WHAT THE TASK ASKS:
Below are the records; give the number of their lines that contain the word "Level" and nothing more.

DATASET CONTENT:
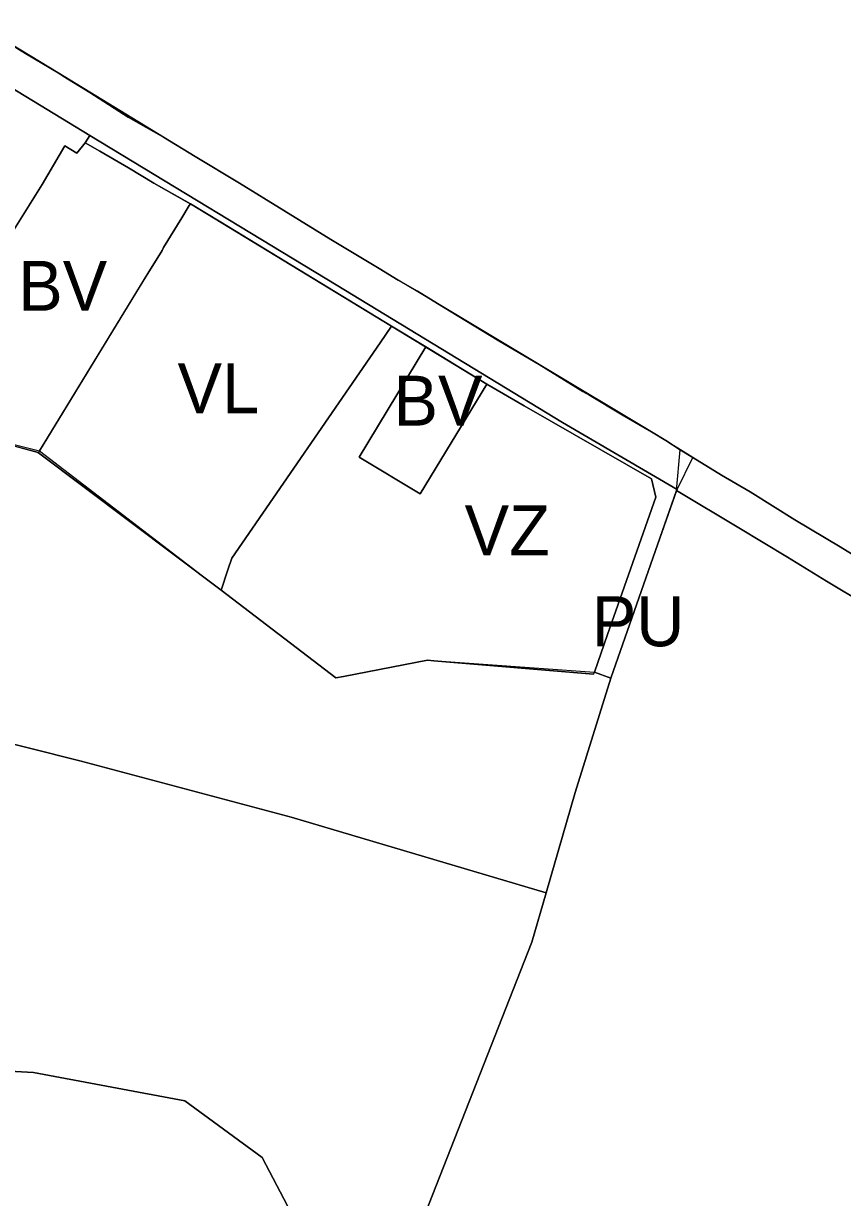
# Model space of a CAD drawing. Extents: x -555509 to -553005, y -1186756 to -1182560.
# Drawn here: x -553829.3 to -553599.5, y -1185808.2 to -1185478.8 of the extents above; entities that cross this region are included whole.
import ezdxf

# ---------------------------------------------------------------- set-up
doc = ezdxf.new("R2010")
doc.units = 0
for name, color, linetype in [('Level 15', 7, 'Continuous'), ('Level 36', 7, 'Continuous'), ('Level 52', 7, 'Continuous'), ('Level 59', 7, 'Continuous'), ('Level 6', 7, 'Continuous'), ('Level 63', 7, 'Continuous'), ('OBRYS_PLOCH', 7, 'Continuous'), ('stav_AL', 7, 'Continuous'), ('stav_AP', 7, 'Continuous'), ('stav_BV', 7, 'Continuous'), ('stav_DS', 7, 'Continuous'), ('stav_OS', 7, 'Continuous'), ('stav_PU', 7, 'Continuous'), ('stav_VL', 7, 'Continuous'), ('stav_VZ', 7, 'Continuous'), ('stav_ZK', 7, 'Continuous')]:
    doc.layers.add(name, color=color, linetype=linetype)

msp = doc.modelspace()

# ---------------------------------------------------------------- linework, layer by layer
at = {"layer": 'Level 15'}
for p, q in [((-553741.55, -1185552.19), (-553810.71, -1185510.27)), ((-553807.93, -1185514.67), (-553799.85, -1185519.34)), ((-553792.76, -1185523.64), (-553783.02, -1185529.12)), ((-553783.02, -1185529.12), (-553782.49, -1185529.43)), ((-553678.06, -1185590.77), (-553741.55, -1185552.19)), ((-553688.82, -1185586.12), (-553653.09, -1185606.6)), ((-553645.88, -1185609.63), (-553678.06, -1185590.77)), ((-553646.02, -1185609.88), (-553645.88, -1185609.63)), ((-553665.39, -1185650.28), (-553669.09, -1185660.85)), ((-553669.09, -1185660.85), (-553664.47, -1185662.51))]:
    msp.add_line(p, q, dxfattribs=at)
for points in [[(-553810.71, -1185510.27), (-553811.98, -1185512.28)], [(-553811.98, -1185512.28), (-553807.93, -1185514.67)], [(-553799.85, -1185519.34), (-553792.76, -1185523.64)], [(-553782.49, -1185529.43), (-553726.01, -1185563.76), (-553699.25, -1185580.02)], [(-553699.25, -1185580.02), (-553688.82, -1185586.12)], [(-553653.09, -1185606.6), (-553651.88, -1185611.74), (-553665.39, -1185650.28)], [(-553664.47, -1185662.51), (-553646.02, -1185609.88)]]:
    msp.add_lwpolyline(points, dxfattribs=at)
at = {"layer": 'Level 36'}
msp.add_lwpolyline([(-553842.47, -1185594.31), (-553824.8, -1185598.76), (-553773.82, -1185637.86), (-553741.7, -1185662.44), (-553715.92, -1185657.49), (-553669.09, -1185660.85), (-553664.47, -1185662.51), (-553645.88, -1185609.63), (-553641.45, -1185600.6), (-553653.09, -1185593.45), (-553684.56, -1185574.48), (-553713.17, -1185557.43), (-553724.17, -1185550.89), (-553743.1, -1185539.42), (-553756.23, -1185531.27), (-553768.7, -1185523.6), (-553781.13, -1185516.16), (-553790.01, -1185510.75), (-553819.6, -1185492.7), (-553841.14, -1185479.67)], dxfattribs=at)
at = {"layer": 'Level 52'}
for points in [[(-553669.37, -1185661.4), (-553669.09, -1185660.85), (-553664.47, -1185662.51), (-553646.02, -1185609.88), (-553645.05, -1185598.5), (-553649.07, -1185595.88), (-553653.09, -1185593.45), (-553661.34, -1185588.67), (-553670.5, -1185583.12), (-553672.3, -1185582.14), (-553684.56, -1185574.48), (-553695.87, -1185567.84), (-553707.58, -1185560.78), (-553713.17, -1185557.43), (-553718.78, -1185553.92), (-553724.17, -1185550.89), (-553729.53, -1185547.56), (-553736.09, -1185543.66), (-553743.1, -1185539.42), (-553756.23, -1185531.27), (-553768.7, -1185523.6), (-553781.13, -1185516.16), (-553790.01, -1185510.75), (-553799.92, -1185505.11), (-553810.66, -1185498.16), (-553818.19, -1185493.66), (-553819.6, -1185492.7), (-553828.72, -1185487.23), (-553841.14, -1185479.67)], [(-553840.96, -1185594.97), (-553825.6, -1185598.98), (-553825.09, -1185599.26), (-553773.82, -1185637.86), (-553741.7, -1185662.44), (-553739.47, -1185662.06), (-553715.92, -1185657.49), (-553714.12, -1185657.64), (-553669.37, -1185661.4)]]:
    msp.add_lwpolyline(points, dxfattribs=at)
at = {"layer": 'Level 6'}
for points in [[(-553669.37, -1185661.4), (-553669.09, -1185660.85), (-553664.47, -1185662.51), (-553646.02, -1185609.88), (-553645.05, -1185598.5), (-553649.07, -1185595.88), (-553653.09, -1185593.45), (-553661.34, -1185588.67), (-553670.5, -1185583.12), (-553672.3, -1185582.14), (-553684.56, -1185574.48), (-553695.87, -1185567.84), (-553707.58, -1185560.78), (-553713.17, -1185557.43), (-553718.78, -1185553.92), (-553724.17, -1185550.89), (-553729.53, -1185547.56), (-553736.09, -1185543.66), (-553743.1, -1185539.42), (-553756.23, -1185531.27), (-553768.7, -1185523.6), (-553781.13, -1185516.16), (-553790.01, -1185510.75), (-553799.92, -1185505.11), (-553810.66, -1185498.16), (-553818.19, -1185493.66), (-553819.6, -1185492.7), (-553828.72, -1185487.23), (-553841.14, -1185479.67)], [(-553840.96, -1185594.97), (-553825.6, -1185598.98), (-553825.09, -1185599.26), (-553773.82, -1185637.86), (-553741.7, -1185662.44), (-553739.47, -1185662.06), (-553715.92, -1185657.49), (-553714.12, -1185657.64), (-553669.37, -1185661.4)]]:
    msp.add_lwpolyline(points, dxfattribs=at)
at = {"layer": 'OBRYS_PLOCH'}
for p, q in [((-553810.71, -1185510.27), (-553811.98, -1185512.28)), ((-553741.55, -1185552.19), (-553810.71, -1185510.27)), ((-553810.71, -1185510.27), (-553741.55, -1185552.19)), ((-553811.98, -1185512.28), (-553807.93, -1185514.67)), ((-553807.93, -1185514.67), (-553811.98, -1185512.28)), ((-553807.93, -1185514.67), (-553799.85, -1185519.34)), ((-553799.85, -1185519.34), (-553807.93, -1185514.67)), ((-553768.7, -1185523.6), (-553781.13, -1185516.16)), ((-553799.85, -1185519.34), (-553792.76, -1185523.64)), ((-553792.76, -1185523.64), (-553799.85, -1185519.34)), ((-553792.76, -1185523.64), (-553783.02, -1185529.12)), ((-553782.49, -1185529.43), (-553792.76, -1185523.64)), ((-553782.81, -1185529.95), (-553784.83, -1185533.39)), ((-553784.83, -1185533.39), (-553782.81, -1185529.95)), ((-553783.02, -1185529.12), (-553782.49, -1185529.43)), ((-553782.49, -1185529.43), (-553782.81, -1185529.95)), ((-553782.81, -1185529.95), (-553782.49, -1185529.43)), ((-553773.94, -1185534.62), (-553782.49, -1185529.43)), ((-553784.83, -1185533.39), (-553789.98, -1185541.71)), ((-553726.01, -1185563.76), (-553773.94, -1185534.62)), ((-553789.98, -1185541.71), (-553790.41, -1185542.52)), ((-553736.09, -1185543.66), (-553743.1, -1185539.42)), ((-553790.41, -1185542.52), (-553794.42, -1185548.98)), ((-553729.53, -1185547.56), (-553736.09, -1185543.66)), ((-553724.17, -1185550.89), (-553729.53, -1185547.56)), ((-553795.51, -1185550.77), (-553824.8, -1185598.76)), ((-553794.42, -1185548.98), (-553795.51, -1185550.77)), ((-553718.78, -1185553.92), (-553724.17, -1185550.89)), ((-553678.06, -1185590.77), (-553741.55, -1185552.19)), ((-553741.55, -1185552.19), (-553678.06, -1185590.77)), ((-553713.17, -1185557.43), (-553718.78, -1185553.92)), ((-553707.58, -1185560.78), (-553713.17, -1185557.43)), ((-553729.23, -1185568.43), (-553726.01, -1185563.76)), ((-553770.83, -1185628.82), (-553729.23, -1185568.43)), ((-553716.43, -1185569.58), (-553735.08, -1185600.53)), ((-553699.25, -1185580.02), (-553716.43, -1185569.58)), ((-553672.3, -1185582.14), (-553684.56, -1185574.48)), ((-553699.25, -1185580.02), (-553688.82, -1185586.12)), ((-553670.5, -1185583.12), (-553672.3, -1185582.14)), ((-553661.34, -1185588.67), (-553670.5, -1185583.12)), ((-553653.09, -1185606.6), (-553688.82, -1185586.12)), ((-553688.82, -1185586.12), (-553653.09, -1185606.6)), ((-553645.88, -1185609.63), (-553678.06, -1185590.77)), ((-553678.06, -1185590.77), (-553645.88, -1185609.63)), ((-553645.05, -1185598.5), (-553649.07, -1185595.88)), ((-553824.8, -1185598.76), (-553825.09, -1185599.26)), ((-553825.09, -1185599.26), (-553773.82, -1185637.86)), ((-553641.45, -1185600.6), (-553645.05, -1185598.5)), ((-553664.47, -1185662.51), (-553646.02, -1185609.88)), ((-553646.02, -1185609.88), (-553664.47, -1185662.51)), ((-553646.02, -1185609.88), (-553664.47, -1185662.51)), ((-553646.02, -1185609.88), (-553645.88, -1185609.63)), ((-553645.88, -1185609.63), (-553646.02, -1185609.88)), ((-553646.02, -1185609.88), (-553628.57, -1185620.34)), ((-553628.57, -1185620.34), (-553646.02, -1185609.88)), ((-553628.57, -1185620.34), (-553646.02, -1185609.88)), ((-553628.57, -1185620.34), (-553614.92, -1185628.59)), ((-553614.92, -1185628.59), (-553628.57, -1185620.34)), ((-553614.92, -1185628.59), (-553628.57, -1185620.34)), ((-553771.93, -1185632.13), (-553770.83, -1185628.82)), ((-553603.99, -1185635.31), (-553614.92, -1185628.59)), ((-553773.82, -1185637.86), (-553771.93, -1185632.13)), ((-553592.98, -1185641.81), (-553603.99, -1185635.31)), ((-553665.39, -1185650.28), (-553669.09, -1185660.85)), ((-553715.92, -1185657.49), (-553739.47, -1185662.06)), ((-553674.53, -1185694.64), (-553664.47, -1185662.51)), ((-553664.47, -1185662.51), (-553674.53, -1185694.64)), ((-553664.47, -1185662.51), (-553674.53, -1185694.64)), ((-553664.47, -1185662.51), (-553669.09, -1185660.85)), ((-553669.09, -1185660.85), (-553664.47, -1185662.51)), ((-553754.19, -1185701.48), (-553813.14, -1185685.81)), ((-553674.53, -1185694.64), (-553682.62, -1185722.72)), ((-553674.53, -1185694.64), (-553682.62, -1185722.72)), ((-553682.62, -1185722.72), (-553754.19, -1185701.48)), ((-553682.62, -1185722.72), (-553686.62, -1185736.59)), ((-553682.62, -1185722.72), (-553686.62, -1185736.59)), ((-553686.62, -1185736.59), (-553682.62, -1185722.72)), ((-553686.62, -1185736.59), (-553735.32, -1185860.26)), ((-553686.62, -1185736.59), (-553735.32, -1185860.26)), ((-553735.32, -1185860.26), (-553686.62, -1185736.59)), ((-553826.51, -1185773.19), (-553784.01, -1185781.14))]:
    msp.add_line(p, q, dxfattribs=at)
for points in [[(-553811.98, -1185512.28), (-553810.71, -1185510.27), (-553822.69, -1185503.01), (-553895.23, -1185458.75), (-553919.14, -1185443.31)], [(-553895.23, -1185458.75), (-553822.69, -1185503.01), (-553810.71, -1185510.27)], [(-553841.14, -1185479.67), (-553828.72, -1185487.23), (-553819.6, -1185492.7), (-553818.19, -1185493.66), (-553810.66, -1185498.16), (-553799.92, -1185505.11), (-553790.01, -1185510.75), (-553781.13, -1185516.16), (-553768.7, -1185523.6), (-553756.23, -1185531.27), (-553743.1, -1185539.42)], [(-553781.13, -1185516.16), (-553790.01, -1185510.75), (-553799.92, -1185505.11), (-553810.66, -1185498.16), (-553818.19, -1185493.66), (-553819.6, -1185492.7), (-553828.72, -1185487.23), (-553841.14, -1185479.67)], [(-553811.98, -1185512.28), (-553814.34, -1185515.23), (-553817.72, -1185513.16), (-553824.1, -1185524.01), (-553862.7, -1185585.67)], [(-553853.58, -1185571.11), (-553824.1, -1185524.01), (-553817.72, -1185513.16), (-553814.34, -1185515.23), (-553811.98, -1185512.28)], [(-553743.1, -1185539.42), (-553756.23, -1185531.27), (-553768.7, -1185523.6)], [(-553782.49, -1185529.43), (-553726.01, -1185563.76), (-553699.25, -1185580.02)], [(-553822.54, -1185595.06), (-553794.42, -1185548.98), (-553790.41, -1185542.52), (-553789.98, -1185541.71), (-553784.83, -1185533.39)], [(-553743.1, -1185539.42), (-553736.09, -1185543.66), (-553729.53, -1185547.56), (-553724.17, -1185550.89), (-553718.78, -1185553.92), (-553713.17, -1185557.43), (-553707.58, -1185560.78), (-553695.87, -1185567.84), (-553684.56, -1185574.48)], [(-553684.56, -1185574.48), (-553695.87, -1185567.84), (-553707.58, -1185560.78)], [(-553688.82, -1185586.12), (-553699.25, -1185580.02), (-553718, -1185610.85), (-553735.08, -1185600.53), (-553716.43, -1185569.58), (-553726.01, -1185563.76), (-553729.23, -1185568.43), (-553770.83, -1185628.82)], [(-553684.56, -1185574.48), (-553672.3, -1185582.14), (-553670.5, -1185583.12), (-553661.34, -1185588.67), (-553653.09, -1185593.45), (-553649.07, -1185595.88), (-553645.05, -1185598.5), (-553641.45, -1185600.6), (-553633.44, -1185605.53), (-553625.4, -1185610.24), (-553612.83, -1185618.06), (-553600.11, -1185625.71), (-553587.43, -1185633.52)], [(-553735.08, -1185600.53), (-553718, -1185610.85), (-553699.25, -1185580.02)], [(-553649.07, -1185595.88), (-553653.09, -1185593.45), (-553661.34, -1185588.67)], [(-553842.47, -1185594.31), (-553840.96, -1185594.97), (-553825.6, -1185598.98), (-553825.09, -1185599.26)], [(-553773.82, -1185637.86), (-553825.09, -1185599.26), (-553840.96, -1185594.97)], [(-553825.09, -1185599.26), (-553824.8, -1185598.76), (-553822.54, -1185595.06)], [(-553625.4, -1185610.24), (-553633.44, -1185605.53), (-553641.45, -1185600.6)], [(-553665.39, -1185650.28), (-553651.88, -1185611.74), (-553653.09, -1185606.6)], [(-553653.09, -1185606.6), (-553651.88, -1185611.74), (-553665.39, -1185650.28)], [(-553587.43, -1185633.52), (-553600.11, -1185625.71), (-553612.83, -1185618.06), (-553625.4, -1185610.24)], [(-553770.83, -1185628.82), (-553771.93, -1185632.13), (-553773.82, -1185637.86), (-553741.7, -1185662.44), (-553739.47, -1185662.06), (-553715.92, -1185657.49), (-553714.12, -1185657.64), (-553669.37, -1185661.4), (-553669.09, -1185660.85), (-553665.39, -1185650.28)], [(-553614.92, -1185628.59), (-553603.99, -1185635.31), (-553592.98, -1185641.81)], [(-553591.54, -1185642.86), (-553592.98, -1185641.81), (-553603.99, -1185635.31), (-553614.92, -1185628.59)], [(-553739.47, -1185662.06), (-553741.7, -1185662.44), (-553773.82, -1185637.86)], [(-553669.09, -1185660.85), (-553669.37, -1185661.4), (-553714.12, -1185657.64), (-553715.92, -1185657.49)], [(-553753.81, -1185820.66), (-553753.12, -1185814.47), (-553762.29, -1185797.04), (-553784.01, -1185781.14), (-553826.51, -1185773.19), (-553905.75, -1185768.76), (-553885.33, -1185687.44), (-553881.88, -1185682.28), (-553877.28, -1185678.22), (-553871.61, -1185675.43), (-553866.15, -1185674.26), (-553858.58, -1185674.39), (-553813.14, -1185685.81), (-553754.19, -1185701.48), (-553682.62, -1185722.72), (-553674.53, -1185694.64)], [(-553871.61, -1185675.43), (-553877.28, -1185678.22), (-553881.88, -1185682.28), (-553885.33, -1185687.44), (-553905.75, -1185768.76), (-553826.51, -1185773.19)], [(-553813.14, -1185685.81), (-553858.58, -1185674.39), (-553866.15, -1185674.26)], [(-553784.01, -1185781.14), (-553762.29, -1185797.04), (-553753.12, -1185814.47)]]:
    msp.add_lwpolyline(points, dxfattribs=at)
at = {"layer": 'stav_AL'}
for p, q in [((-553686.62, -1185736.59), (-553682.62, -1185722.72)), ((-553735.32, -1185860.26), (-553686.62, -1185736.59))]:
    msp.add_line(p, q, dxfattribs=at)
msp.add_lwpolyline([(-553682.62, -1185722.72), (-553754.19, -1185701.48), (-553813.14, -1185685.81), (-553858.58, -1185674.39), (-553866.15, -1185674.26), (-553871.61, -1185675.43), (-553877.28, -1185678.22), (-553881.88, -1185682.28), (-553885.33, -1185687.44), (-553905.75, -1185768.76), (-553826.51, -1185773.19), (-553784.01, -1185781.14), (-553762.29, -1185797.04), (-553753.12, -1185814.47), (-553753.81, -1185820.66)], dxfattribs=at)
at = {"layer": 'stav_AP'}
for p, q in [((-553646.02, -1185609.88), (-553664.47, -1185662.51)), ((-553628.57, -1185620.34), (-553646.02, -1185609.88)), ((-553614.92, -1185628.59), (-553628.57, -1185620.34)), ((-553603.99, -1185635.31), (-553614.92, -1185628.59)), ((-553592.98, -1185641.81), (-553603.99, -1185635.31)), ((-553664.47, -1185662.51), (-553674.53, -1185694.64)), ((-553674.53, -1185694.64), (-553682.62, -1185722.72)), ((-553682.62, -1185722.72), (-553686.62, -1185736.59)), ((-553686.62, -1185736.59), (-553735.32, -1185860.26))]:
    msp.add_line(p, q, dxfattribs=at)
for points in [[(-553841.14, -1185479.67), (-553828.72, -1185487.23), (-553819.6, -1185492.7), (-553818.19, -1185493.66), (-553810.66, -1185498.16), (-553799.92, -1185505.11), (-553790.01, -1185510.75), (-553781.13, -1185516.16), (-553768.7, -1185523.6), (-553756.23, -1185531.27), (-553743.1, -1185539.42)], [(-553743.1, -1185539.42), (-553736.09, -1185543.66), (-553729.53, -1185547.56), (-553724.17, -1185550.89), (-553718.78, -1185553.92), (-553713.17, -1185557.43), (-553707.58, -1185560.78), (-553695.87, -1185567.84), (-553684.56, -1185574.48)], [(-553684.56, -1185574.48), (-553672.3, -1185582.14), (-553670.5, -1185583.12), (-553661.34, -1185588.67), (-553653.09, -1185593.45), (-553649.07, -1185595.88), (-553645.05, -1185598.5), (-553641.45, -1185600.6), (-553633.44, -1185605.53), (-553625.4, -1185610.24), (-553612.83, -1185618.06), (-553600.11, -1185625.71), (-553587.43, -1185633.52)]]:
    msp.add_lwpolyline(points, dxfattribs=at)
at = {"layer": 'stav_BV'}
for p, q in [((-553807.93, -1185514.67), (-553811.98, -1185512.28)), ((-553799.85, -1185519.34), (-553807.93, -1185514.67)), ((-553792.76, -1185523.64), (-553799.85, -1185519.34)), ((-553782.49, -1185529.43), (-553792.76, -1185523.64)), ((-553784.83, -1185533.39), (-553782.81, -1185529.95)), ((-553782.81, -1185529.95), (-553782.49, -1185529.43)), ((-553716.43, -1185569.58), (-553735.08, -1185600.53)), ((-553699.25, -1185580.02), (-553716.43, -1185569.58))]:
    msp.add_line(p, q, dxfattribs=at)
for points in [[(-553811.98, -1185512.28), (-553814.34, -1185515.23), (-553817.72, -1185513.16), (-553824.1, -1185524.01), (-553862.7, -1185585.67)], [(-553822.54, -1185595.06), (-553794.42, -1185548.98), (-553790.41, -1185542.52), (-553789.98, -1185541.71), (-553784.83, -1185533.39)], [(-553735.08, -1185600.53), (-553718, -1185610.85), (-553699.25, -1185580.02)], [(-553842.47, -1185594.31), (-553840.96, -1185594.97), (-553825.6, -1185598.98), (-553825.09, -1185599.26)], [(-553825.09, -1185599.26), (-553824.8, -1185598.76), (-553822.54, -1185595.06)]]:
    msp.add_lwpolyline(points, dxfattribs=at)
at = {"layer": 'stav_DS'}
for p, q in [((-553799.92, -1185505.11), (-553810.66, -1185498.16)), ((-553790.01, -1185510.75), (-553799.92, -1185505.11)), ((-553810.71, -1185510.27), (-553741.55, -1185552.19)), ((-553781.13, -1185516.16), (-553790.01, -1185510.75)), ((-553736.09, -1185543.66), (-553743.1, -1185539.42)), ((-553729.53, -1185547.56), (-553736.09, -1185543.66)), ((-553724.17, -1185550.89), (-553729.53, -1185547.56)), ((-553718.78, -1185553.92), (-553724.17, -1185550.89)), ((-553741.55, -1185552.19), (-553678.06, -1185590.77)), ((-553713.17, -1185557.43), (-553718.78, -1185553.92)), ((-553707.58, -1185560.78), (-553713.17, -1185557.43)), ((-553695.87, -1185567.84), (-553707.58, -1185560.78)), ((-553684.56, -1185574.48), (-553695.87, -1185567.84)), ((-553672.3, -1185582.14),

RESULT FOR THIS EXERCISE:
5